* **Task details**: Find the word "Hranice" in the listing below, then return every line it appears in.

* **Records**:
┌──

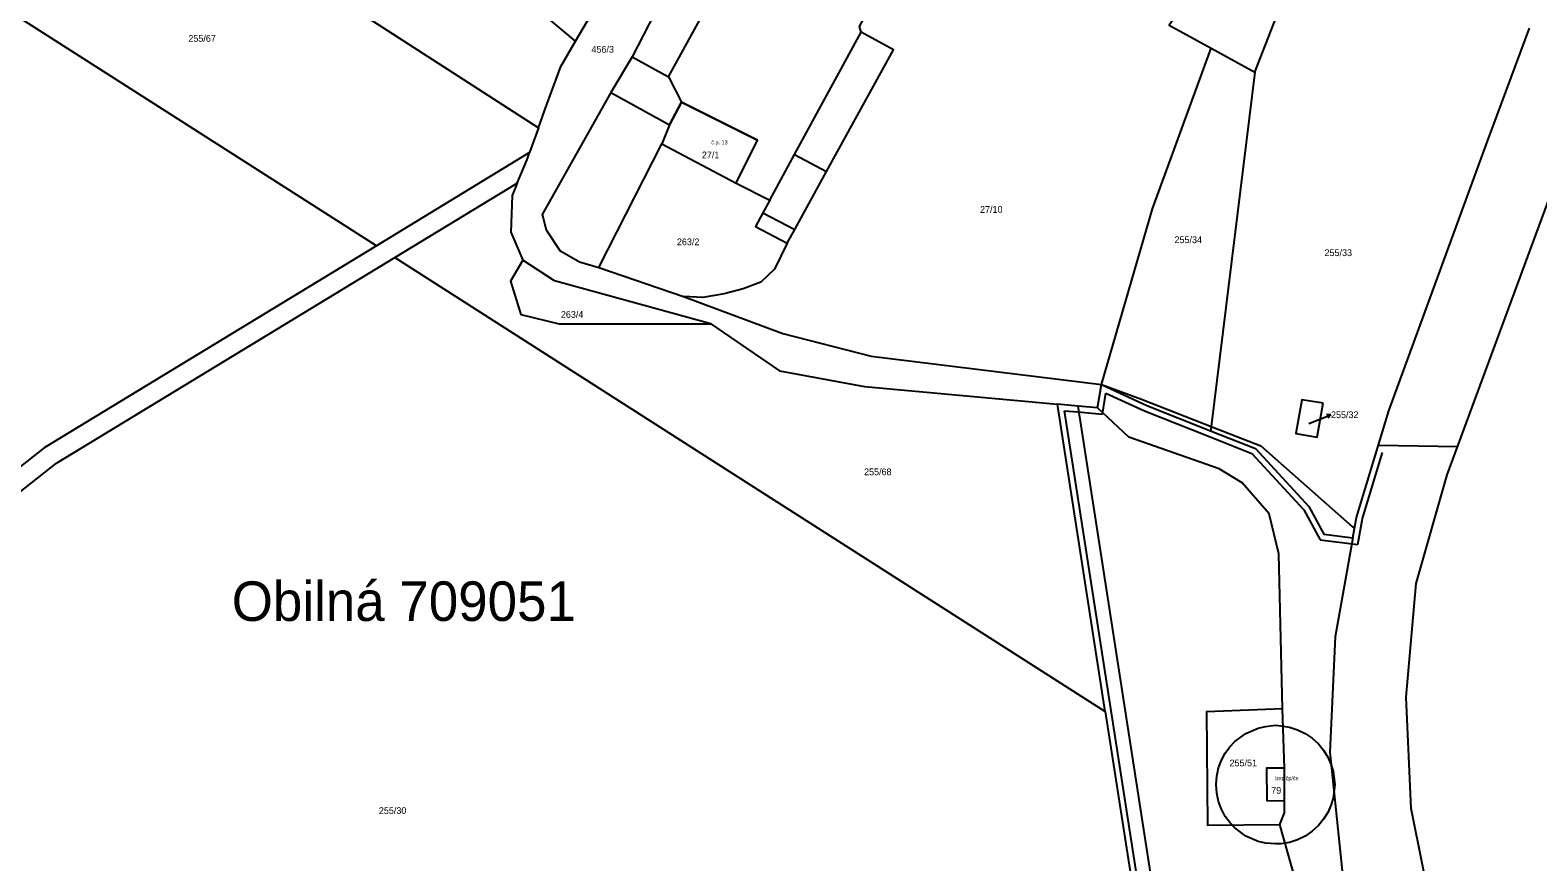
# Model space of a CAD drawing. Extents: x -882150 to -879379, y -1022570 to -1019819.
# Drawn here: x -880738 to -880356.9, y -1021575.9 to -1021365.7 of the extents above; entities that cross this region are included whole.
import ezdxf

# ---------------------------------------------------------------- set-up
doc = ezdxf.new("R2010")
doc.units = 0
for name, color, linetype in [('Definiční body', 7, 'Continuous'), ('Hranice parcel', 7, 'Continuous'), ('Parcelní čísla', 7, 'Continuous'), ('Polygon budovy', 7, 'Continuous'), ('Pop  PČ popisy', 7, 'Continuous'), ('Vnitřní kresba', 7, 'Continuous')]:
    doc.layers.add(name, color=color, linetype=linetype)

msp = doc.modelspace()

# ---------------------------------------------------------------- linework, layer by layer
at = {"layer": 'Hranice parcel'}
for p, q in [((-880600.19, -1021368.5), (-880660.06, -1021317.87)), ((-880600.19, -1021368.5), (-880583.69, -1021340.23)), ((-880428.51, -1021376.32), (-880419.38, -1021353.05)), ((-880439.53, -1021370.25), (-880428.51, -1021376.32)), ((-880428.51, -1021376.32), (-880439.5, -1021465.87)), ((-880609.55, -1021390.4), (-880611.8, -1021396.64)), ((-880611.8, -1021396.64), (-880650.52, -1021420.19)), ((-880645.83, -1021423.18), (-880614.91, -1021404.39)), ((-880468.25, -1021461.16), (-880467.26, -1021455.29)), ((-880467.26, -1021455.29), (-880455.76, -1021460.57)), ((-880473.1, -1021460.72), (-880478.38, -1021460.24)), ((-880466.28, -1021537.91), (-880478.38, -1021460.24)), ((-880468.25, -1021461.16), (-880473.1, -1021460.72)), ((-880460.36, -1021468.6), (-880468.25, -1021461.16)), ((-880455.76, -1021460.57), (-880439.64, -1021466.97)), ((-880439.5, -1021465.87), (-880439.64, -1021466.97)), ((-880403.68, -1021494.04), (-880403.27, -1021491.7)), ((-880420.99, -1021552.23), (-880421.46, -1021537.21)), ((-880421, -1021560.46), (-880420.99, -1021552.23))]:
    msp.add_line(p, q, dxfattribs=at)
for points in [[(-880383.32, -1021590.53), (-880388.97, -1021562.43), (-880390.19, -1021534.27), (-880387.73, -1021505.59), (-880379.83, -1021478.12), (-880354.56, -1021409.73), (-880325.92, -1021331.12), (-880321.65, -1021310.18), (-880321.88, -1021279.76), (-880330.68, -1021225.65), (-880330.04, -1021210.18), (-880313.87, -1021148.79), (-880301.09, -1021117.72), (-880281.33, -1021095.35), (-880255.32, -1021084.31), (-880230.68, -1021082.99), (-880217.42, -1021078.67), (-880186.94, -1021050.63), (-880171.67, -1021029), (-880165.07, -1021009.24), (-880163.83, -1020993.67)], [(-880852.86, -1021290.89), (-880665.52, -1021354.25), (-880609.55, -1021390.4)], [(-880650.52, -1021420.19), (-880751.74, -1021355.5), (-880852.86, -1021290.89)], [(-880546.66, -1021419.56), (-880544.76, -1021416.1), (-880536.71, -1021401.44), (-880519.81, -1021370.66), (-880528.01, -1021366.19), (-880528.37, -1021364.81), (-880521.3, -1021351.55), (-880551.77, -1021336.02)], [(-880427.85, -1021339.96), (-880435.17, -1021343.19), (-880450.1, -1021364.49), (-880439.53, -1021370.25)], [(-880572.87, -1021347.16), (-880585.84, -1021372.47), (-880591.22, -1021381.45)], [(-880403.27, -1021491.7), (-880402.77, -1021488.9), (-880394.62, -1021461.91), (-880369.65, -1021393.76), (-880359.04, -1021365.24)], [(-880609.55, -1021390.4), (-880608, -1021386.1), (-880603.94, -1021374.93), (-880600.19, -1021368.5)], [(-880467.26, -1021455.29), (-880454.38, -1021410.86), (-880439.53, -1021370.25)], [(-880591.22, -1021381.45), (-880608.58, -1021412.27), (-880608.35, -1021413.24), (-880607.63, -1021416.21), (-880604.16, -1021421.37), (-880599.2, -1021424.29), (-880594.31, -1021425.69), (-880572.86, -1021432.99)], [(-880591.22, -1021381.45), (-880576.42, -1021389.62), (-880578.36, -1021394.48), (-880559.6, -1021404.38), (-880551.1, -1021408.71), (-880552.81, -1021411.85), (-880554.69, -1021415.32), (-880546.66, -1021419.56)], [(-880614.91, -1021404.39), (-880612.44, -1021398.43), (-880611.8, -1021396.64)], [(-880614.91, -1021404.39), (-880616.19, -1021407.47), (-880616.55, -1021416.74), (-880613.47, -1021423.85)], [(-880650.52, -1021420.19), (-880734.5, -1021471.26), (-880791.06, -1021515.8)], [(-880546.66, -1021419.56), (-880549.89, -1021426.1), (-880553.31, -1021429.43), (-880557.81, -1021431.11), (-880562.65, -1021432.4), (-880568.03, -1021433.26), (-880572.86, -1021432.99)], [(-880872.75, -1021653.59), (-880853.95, -1021571.88), (-880731.4, -1021475.19), (-880645.83, -1021423.18)], [(-880645.83, -1021423.18), (-880556.09, -1021480.53), (-880466.28, -1021537.91)], [(-880613.47, -1021423.85), (-880616.65, -1021429.12), (-880614.04, -1021437.55), (-880604.28, -1021439.9), (-880566, -1021439.93)], [(-880566, -1021439.93), (-880605.48, -1021429.1), (-880613.47, -1021423.85)], [(-880572.86, -1021432.99), (-880547.77, -1021442.37), (-880525.48, -1021448.12), (-880467.26, -1021455.29)], [(-880566, -1021439.93), (-880548.61, -1021451.85), (-880527.16, -1021455.82), (-880478.38, -1021460.24)], [(-880533.86, -1022007.05), (-880523.29, -1021950.58), (-880522.43, -1021909.12), (-880520.53, -1021864.27), (-880518.3, -1021819.45), (-880460.57, -1021640.65), (-880455.51, -1021609.22), (-880454.71, -1021579.75), (-880473.1, -1021460.72)], [(-880411.22, -1021459.95), (-880416.58, -1021459.18), (-880418.12, -1021467.65), (-880412.75, -1021468.59), (-880411.22, -1021459.95)], [(-880421.46, -1021537.21), (-880422.44, -1021498.09), (-880424.83, -1021487.94), (-880431.68, -1021480.16), (-880437.46, -1021476.63), (-880460.36, -1021468.6)], [(-880439.64, -1021466.97), (-880428.32, -1021471.47), (-880414.85, -1021486.07), (-880411, -1021493.14), (-880403.68, -1021494.04)], [(-880403.68, -1021494.04), (-880408.13, -1021519.01), (-880409.49, -1021548.16), (-880406.41, -1021578.18), (-880397.35, -1021608.26), (-880377.39, -1021650.23), (-880346.77, -1021685.06), (-880313.96, -1021718.82), (-880296.93, -1021753.52), (-880294.62, -1021788.33), (-880298.33, -1021816.85), (-880311.6, -1021844.17), (-880330.67, -1021863.71), (-880363.25, -1021882.74), (-880382, -1021885.04)], [(-880466.28, -1021537.91), (-880459.65, -1021580.52), (-880460.51, -1021609.07), (-880465.51, -1021639.85), (-880472.9, -1021662.8)], [(-880421.46, -1021537.21), (-880440.7, -1021538.04), (-880440.47, -1021566.64), (-880422.16, -1021566.44)], [(-880420.99, -1021552.23), (-880425.55, -1021552.23), (-880425.42, -1021560.45), (-880421, -1021560.46)], [(-880422.16, -1021566.44), (-880420.98, -1021563.52), (-880421, -1021560.46)], [(-880328.46, -1021721.51), (-880371.01, -1021681.52), (-880393.83, -1021651.84), (-880414.22, -1021594.55), (-880422.16, -1021566.44)]]:
    msp.add_lwpolyline(points, dxfattribs=at)
at = {"layer": 'Polygon budovy'}
for points in [[(-880578.36, -1021394.48), (-880559.6, -1021404.38), (-880554.18, -1021393.55), (-880573.42, -1021383.9), (-880576.42, -1021389.62)], [(-880425.42, -1021560.45), (-880421, -1021560.46), (-880420.99, -1021552.23), (-880425.55, -1021552.23)]]:
    msp.add_lwpolyline(points, close=True, dxfattribs=at)
at = {"layer": 'Pop  PČ popisy'}
for p, q in [((-880414.82, -1021465.09), (-880412.03, -1021464.01)), ((-880412.03, -1021464.01), (-880409.228, -1021462.935)), ((-880409.228, -1021462.935), (-880410.343, -1021462.826)), ((-880409.228, -1021462.935), (-880409.984, -1021463.761))]:
    msp.add_line(p, q, dxfattribs=at)
at = {"layer": 'Vnitřní kresba'}
for p, q in [((-880576.66, -1021377.55), (-880562.99, -1021352.49)), ((-880544.83, -1021397.15), (-880528.01, -1021366.19)), ((-880585.84, -1021372.47), (-880576.66, -1021377.55)), ((-880576.66, -1021377.55), (-880573.42, -1021383.9)), ((-880576.42, -1021389.62), (-880573.42, -1021383.9)), ((-880573.42, -1021383.9), (-880554.18, -1021393.55)), ((-880559.6, -1021404.38), (-880554.18, -1021393.55)), ((-880594.31, -1021425.69), (-880578.36, -1021394.48)), ((-880551.1, -1021408.71), (-880544.83, -1021397.15)), ((-880544.83, -1021397.15), (-880536.71, -1021401.44)), ((-880552.81, -1021411.85), (-880544.76, -1021416.1)), ((-880467.26, -1021455.29), (-880457.12, -1021458.95)), ((-880467, -1021462.78), (-880466.11, -1021457.47)), ((-880466.11, -1021457.47), (-880456.35, -1021461.95)), ((-880458.15, -1021580.43), (-880476.6, -1021461.91)), ((-880476.6, -1021461.91), (-880473.24, -1021462.21)), ((-880473.24, -1021462.21), (-880467, -1021462.78)), ((-880457.12, -1021458.95), (-880439.5, -1021465.87)), ((-880456.35, -1021461.95), (-880440.19, -1021468.36)), ((-880439.5, -1021465.87), (-880426.93, -1021470.81)), ((-880440.19, -1021468.36), (-880429.19, -1021472.74)), ((-880429.19, -1021472.74), (-880416.08, -1021486.95)), ((-880426.93, -1021470.81), (-880403.84, -1021491.19)), ((-880401.29, -1021489.16), (-880396.24, -1021472.46)), ((-880397.23, -1021470.57), (-880377.17, -1021470.93)), ((-880416.08, -1021486.95), (-880411.95, -1021494.54)), ((-880402.45, -1021495.7), (-880401.29, -1021489.16)), ((-880403.84, -1021491.19), (-880403.27, -1021491.7)), ((-880411.95, -1021494.54), (-880402.45, -1021495.7)), ((-880430.75, -1021543.47), (-880427.6, -1021542.11)), ((-880427.6, -1021542.11), (-880425.79, -1021541.68)), ((-880425.79, -1021541.68), (-880423.24, -1021541.41)), ((-880423.24, -1021541.41), (-880421.81, -1021541.53)), ((-880421.81, -1021541.53), (-880419.75, -1021541.88)), ((-880419.75, -1021541.88), (-880417.72, -1021542.53)), ((-880417.72, -1021542.53), (-880415.78, -1021543.47)), ((-880434.79, -1021546.88), (-880433.51, -1021545.52)), ((-880433.51, -1021545.52), (-880430.75, -1021543.47)), ((-880415.78, -1021543.47), (-880414, -1021544.68)), ((-880414, -1021544.68), (-880412.42, -1021546.12)), ((-880412.42, -1021546.12), (-880411.09, -1021547.73)), ((-880437.63, -1021552.2), (-880436.9, -1021550.24)), ((-880436.9, -1021550.24), (-880435.94, -1021548.46)), ((-880435.94, -1021548.46), (-880434.79, -1021546.88)), ((-880411.09, -1021547.73), (-880410.02, -1021549.46)), ((-880410.02, -1021549.46), (-880409.22, -1021551.24)), ((-880438.08, -1021554.29), (-880437.63, -1021552.2)), ((-880409.22, -1021551.24), (-880408.69, -1021553.02)), ((-880408.69, -1021553.02), (-880408.29, -1021556.44)), ((-880438.24, -1021556.41), (-880438.08, -1021554.29)), ((-880438.08, -1021558.59), (-880438.24, -1021556.41)), ((-880408.29, -1021556.44), (-880408.69, -1021559.85)), ((-880437.63, -1021560.67), (-880438.08, -1021558.59)), ((-880436.9, -1021562.63), (-880437.63, -1021560.67)), ((-880409.22, -1021561.64), (-880410.02, -1021563.42)), ((-880408.69, -1021559.85), (-880409.22, -1021561.64)), ((-880435.94, -1021564.42), (-880436.9, -1021562.63)), ((-880434.79, -1021566), (-880435.94, -1021564.42)), ((-880411.09, -1021565.15), (-880412.42, -1021566.76)), ((-880410.02, -1021563.42), (-880411.09, -1021565.15)), ((-880433.51, -1021567.36), (-880434.79, -1021566)), ((-880430.75, -1021569.4), (-880433.51, -1021567.36)), ((-880414, -1021568.2), (-880415.78, -1021569.4)), ((-880412.42, -1021566.76), (-880414, -1021568.2)), ((-880427.6, -1021570.77), (-880430.75, -1021569.4)), ((-880425.79, -1021571.2), (-880427.6, -1021570.77)), ((-880423.24, -1021571.41), (-880425.79, -1021571.2)), ((-880421.81, -1021571.34), (-880423.24, -1021571.41)), ((-880419.75, -1021570.99), (-880421.81, -1021571.34)), ((-880417.72, -1021570.35), (-880419.75, -1021570.99)), ((-880415.78, -1021569.4), (-880417.72, -1021570.35))]:
    msp.add_line(p, q, dxfattribs=at)

# ---------------------------------------------------------------- texts
at = {"layer": 'Definiční body'}
for s, p in [('č.p. 13', (-880565.87, -1021394.57)), ('bez čp/če', (-880423.3, -1021555.28))]:
    msp.add_text(s, height=1, dxfattribs=at).set_placement(p)
at = {"layer": 'Parcelní čísla'}
for s, p in [('255/67', (-880698.05, -1021368.65)), ('456/3', (-880596.16, -1021371.42)), ('27/1', (-880568.25, -1021398.1)), ('27/10', (-880497.94, -1021411.89)), ('263/2', (-880574.56, -1021420.07)), ('255/34', (-880448.78, -1021419.54)), ('255/33', (-880410.86, -1021422.82)), ('263/4', (-880603.89, -1021438.42)), ('255/32', (-880409.23, -1021463.77)), ('255/68', (-880527.25, -1021478.2)), ('255/51', (-880434.87, -1021551.78)), ('79', (-880424.33, -1021558.71)), ('255/30', (-880649.9, -1021563.81))]:
    msp.add_text(s, height=1.7, dxfattribs=at).set_placement(p)
at = {"layer": 'Pop  PČ popisy'}
msp.add_text('Obilná 709051', height=10, dxfattribs=at).set_placement((-880687.08, -1021515.037))

doc.saveas('drawing.dxf')

└──

* **Finished task**:
for name, color, linetype in [('Definiční body', 7, 'Continuous'), ('Hranice parcel', 7, 'Continuous'), ('Parcelní čísla', 7, 'Continuous'), ('Polygon budovy', 7, 'Continuous'), ('Pop  PČ popisy', 7, 'Continuous'), ('Vnitřní kresba', 7, 'Continuous')]:
at = {"layer": 'Hranice parcel'}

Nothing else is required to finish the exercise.